• **Exercise directions**:
Reproduce the listing that follows character for character, excluding its pictures.

• **Provided records**:
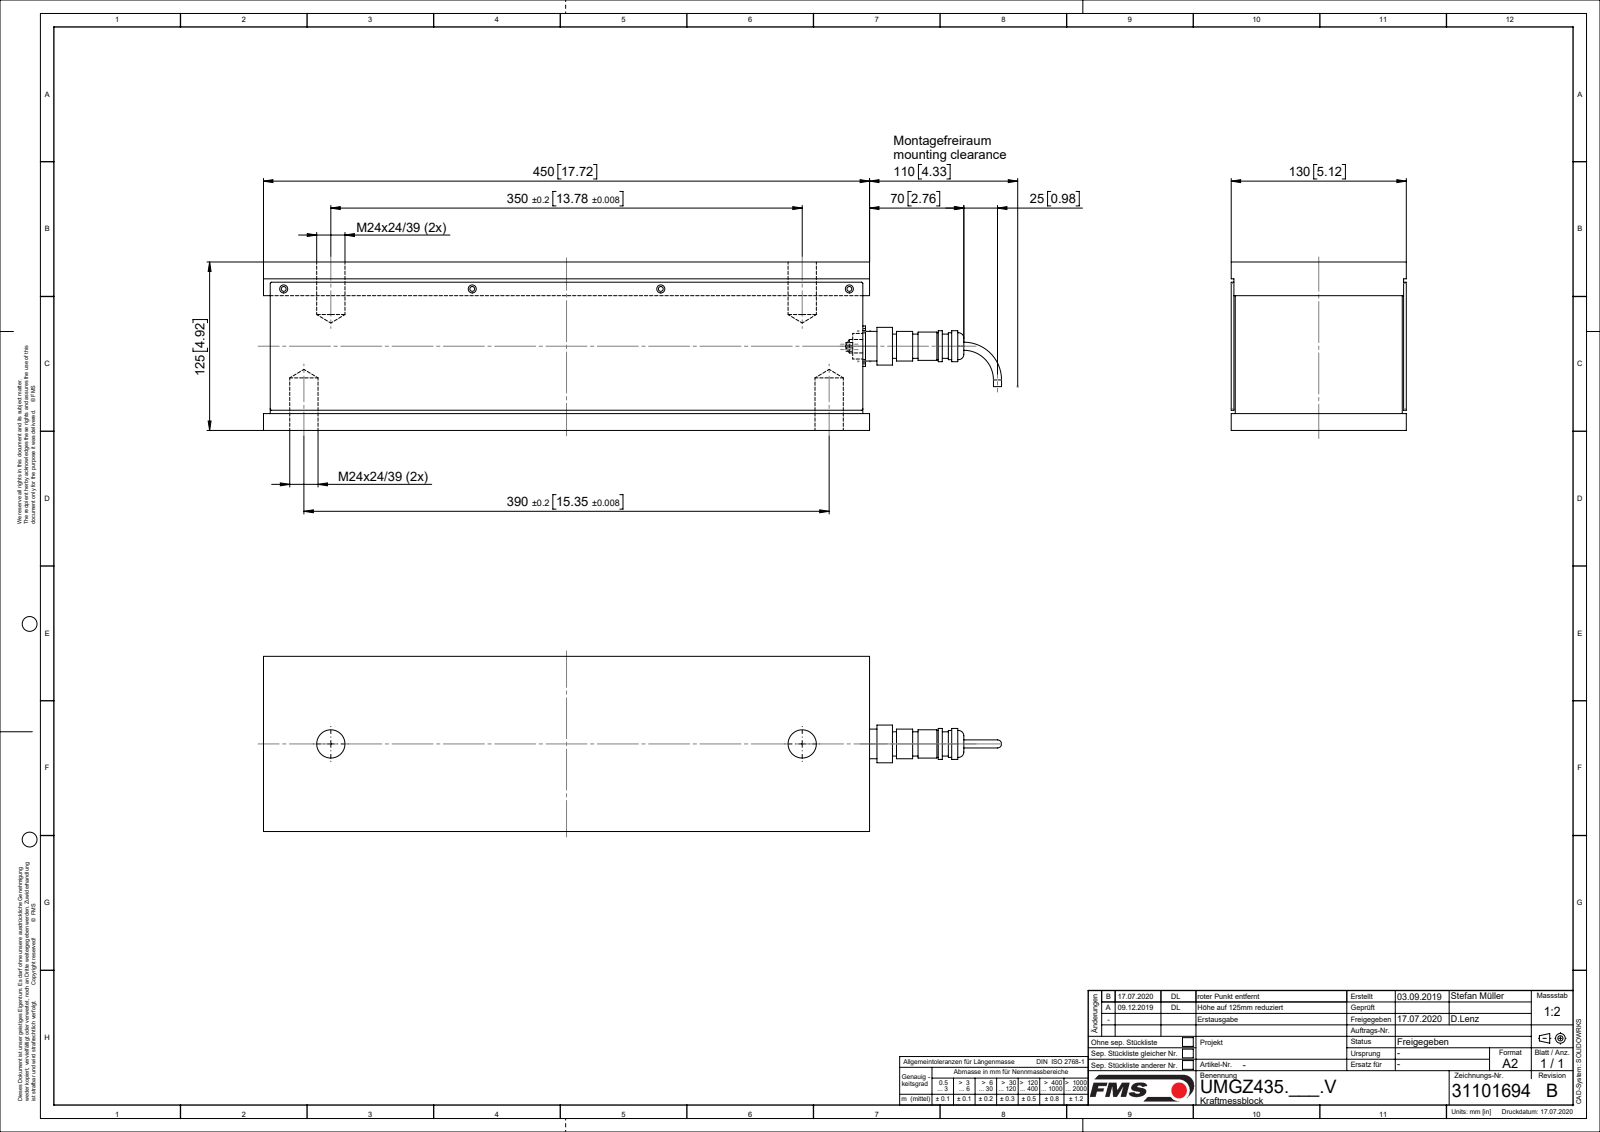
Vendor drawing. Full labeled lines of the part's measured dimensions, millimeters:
Part name (STEP PRODUCT): 31101694_A; 51585_01; 31101648_01; 31102358_01
STEP written by: SolidWorks 2018 (CONFIG_CONTROL_DESIGN)
Units: millimetres
Bodies: 4 solids, 186 faces (56 planar, 100 cylindrical, 30 other)
Overall size (bounding box): 548 × 130 × 125
Volume: 7 088 000 mm³ · Surface area: 459 109 mm²
Round holes (diameter × count): ⌀3.2 ×4, ⌀3.6 ×4, ⌀6 ×4, ⌀21 ×4, ⌀10 ×1
Round bosses / shafts (diameter × count): ⌀2.5 ×4, ⌀28 ×1, ⌀23 ×1, ⌀22 ×1, ⌀21 ×1, ⌀20 ×1, ⌀19 ×1, ⌀18 ×1
Partial cylindrical surfaces — rounded edges, fillets, slot ends (radius × count): R1 ×4, R4 ×4
Main face-to-face distances: 125, 2, 128, 3, 1, 127, 130, 126, 124, 440
Hole centre spacings: 16.26, 23, 140, 20, 32.53, 280, 370, 350
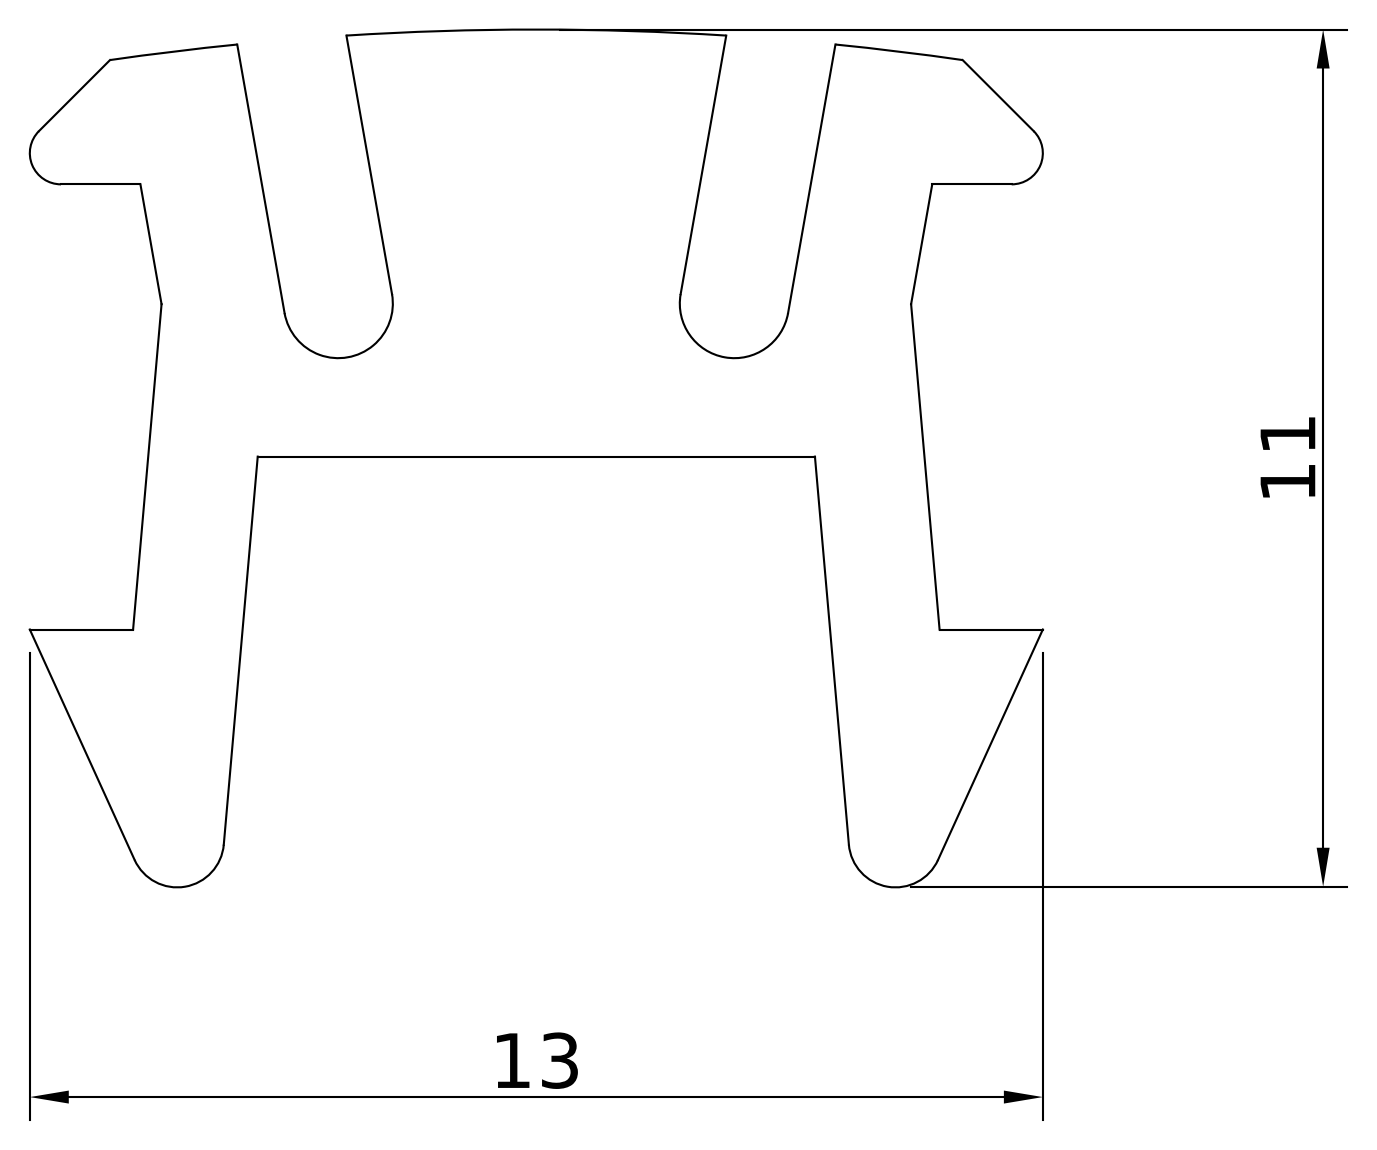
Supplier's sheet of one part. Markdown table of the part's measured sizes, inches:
| quantity | value |
| --- | --- |
| part name | CGUCA0000001 |
| STEP written by | Autodesk Inventor 2019 (AUTOMOTIVE_DESIGN) |
| units | inches |
| bodies | 1 solid, 30 faces (21 planar, 9 cylindrical, 0 other) |
| overall size | 3.937 × 0.512 × 0.433 |
| volume | 0.39 in³ |
| surface area | 11.63 in² |
| partial cylindrical surfaces (radius × count) | 0.016 × 2, 0.024 × 2, 0.028 × 2, 1.512 × 1 |
| main face-to-face distances | 0.055, 0.061, 0.116, 0.087, 0.225, 0.137, 3.937 |
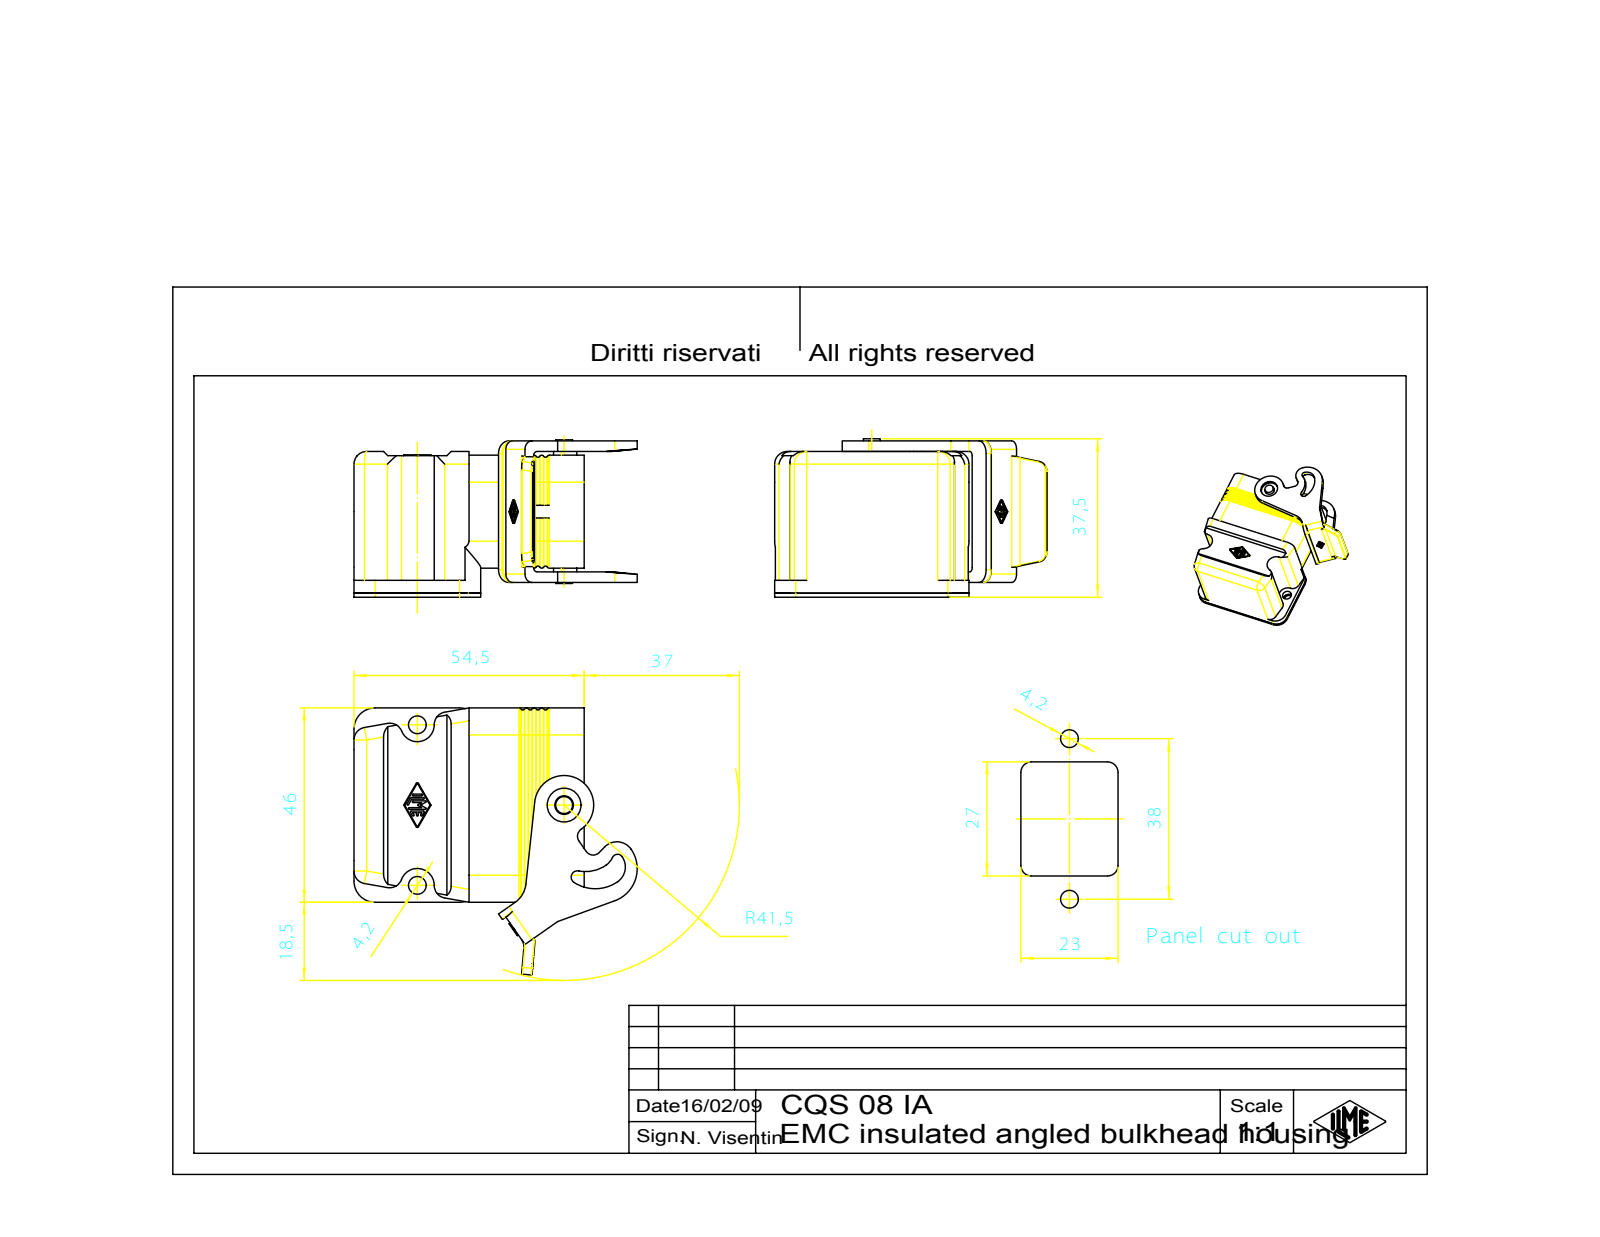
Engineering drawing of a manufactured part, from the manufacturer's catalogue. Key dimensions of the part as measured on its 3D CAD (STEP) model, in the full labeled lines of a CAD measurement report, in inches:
Part name (STEP PRODUCT): CUSTODIA_CQ_08_IA; LEVA_CQ_08_IAP; CQS_08_IA
STEP written by: CoCreate Modeling 16.00A 16-Aug-2008 (C) Parametric Technology GmbH (AUTOMOTIVE_DESIGN)
Units: inches
Bodies: 2 solids, 699 faces (269 planar, 280 cylindrical, 150 other)
Overall size (bounding box): 2.64 × 2.488 × 1.467
Volume: 1.707 in³ · Surface area: 36.92 in²
Round holes (diameter × count): ⌀0.094 ×4, ⌀0.098 ×4, ⌀0.122 ×4, ⌀0.165 ×2, ⌀0.173 ×1, ⌀0.315 ×1
Round bosses / shafts (diameter × count): ⌀0.157 ×1
Partial cylindrical surfaces — rounded edges, fillets, slot ends (radius × count): R0.02 ×36, R0.004 ×14, R0.008 ×13, R0.118 ×13, R0.079 ×9, R0.098 ×5, R0.067 ×4, R0.177 ×4
Main face-to-face distances: 0.098, 1.083, 1.319, 0.108, 1.014, 0.138, 0.207, 1.112, 0.039, 1.22
Hole centre spacings: 0.287, 0.528, 1.268, 1.373, 1.407, 1.273, 1.559, 1.751

• **Result**:
Vendor drawing. Full labeled lines of the part's measured dimensions, millimeters:
Part name (STEP PRODUCT): 31101694_A; 51585_01; 31101648_01; 31102358_01
STEP written by: SolidWorks 2018 (CONFIG_CONTROL_DESIGN)
Units: millimetres
Bodies: 4 solids, 186 faces (56 planar, 100 cylindrical, 30 other)
Overall size (bounding box): 548 × 130 × 125
Volume: 7 088 000 mm³ · Surface area: 459 109 mm²
Round holes (diameter × count): ⌀3.2 ×4, ⌀3.6 ×4, ⌀6 ×4, ⌀21 ×4, ⌀10 ×1
Round bosses / shafts (diameter × count): ⌀2.5 ×4, ⌀28 ×1, ⌀23 ×1, ⌀22 ×1, ⌀21 ×1, ⌀20 ×1, ⌀19 ×1, ⌀18 ×1
Partial cylindrical surfaces — rounded edges, fillets, slot ends (radius × count): R1 ×4, R4 ×4
Main face-to-face distances: 125, 2, 128, 3, 1, 127, 130, 126, 124, 440
Hole centre spacings: 16.26, 23, 140, 20, 32.53, 280, 370, 350
Supplier's sheet of one part. Markdown table of the part's measured sizes, inches:
| quantity | value |
| --- | --- |
| part name | CGUCA0000001 |
| STEP written by | Autodesk Inventor 2019 (AUTOMOTIVE_DESIGN) |
| units | inches |
| bodies | 1 solid, 30 faces (21 planar, 9 cylindrical, 0 other) |
| overall size | 3.937 × 0.512 × 0.433 |
| volume | 0.39 in³ |
| surface area | 11.63 in² |
| partial cylindrical surfaces (radius × count) | 0.016 × 2, 0.024 × 2, 0.028 × 2, 1.512 × 1 |
| main face-to-face distances | 0.055, 0.061, 0.116, 0.087, 0.225, 0.137, 3.937 |
Engineering drawing of a manufactured part, from the manufacturer's catalogue. Key dimensions of the part as measured on its 3D CAD (STEP) model, in the full labeled lines of a CAD measurement report, in inches:
Part name (STEP PRODUCT): CUSTODIA_CQ_08_IA; LEVA_CQ_08_IAP; CQS_08_IA
STEP written by: CoCreate Modeling 16.00A 16-Aug-2008 (C) Parametric Technology GmbH (AUTOMOTIVE_DESIGN)
Units: inches
Bodies: 2 solids, 699 faces (269 planar, 280 cylindrical, 150 other)
Overall size (bounding box): 2.64 × 2.488 × 1.467
Volume: 1.707 in³ · Surface area: 36.92 in²
Round holes (diameter × count): ⌀0.094 ×4, ⌀0.098 ×4, ⌀0.122 ×4, ⌀0.165 ×2, ⌀0.173 ×1, ⌀0.315 ×1
Round bosses / shafts (diameter × count): ⌀0.157 ×1
Partial cylindrical surfaces — rounded edges, fillets, slot ends (radius × count): R0.02 ×36, R0.004 ×14, R0.008 ×13, R0.118 ×13, R0.079 ×9, R0.098 ×5, R0.067 ×4, R0.177 ×4
Main face-to-face distances: 0.098, 1.083, 1.319, 0.108, 1.014, 0.138, 0.207, 1.112, 0.039, 1.22
Hole centre spacings: 0.287, 0.528, 1.268, 1.373, 1.407, 1.273, 1.559, 1.751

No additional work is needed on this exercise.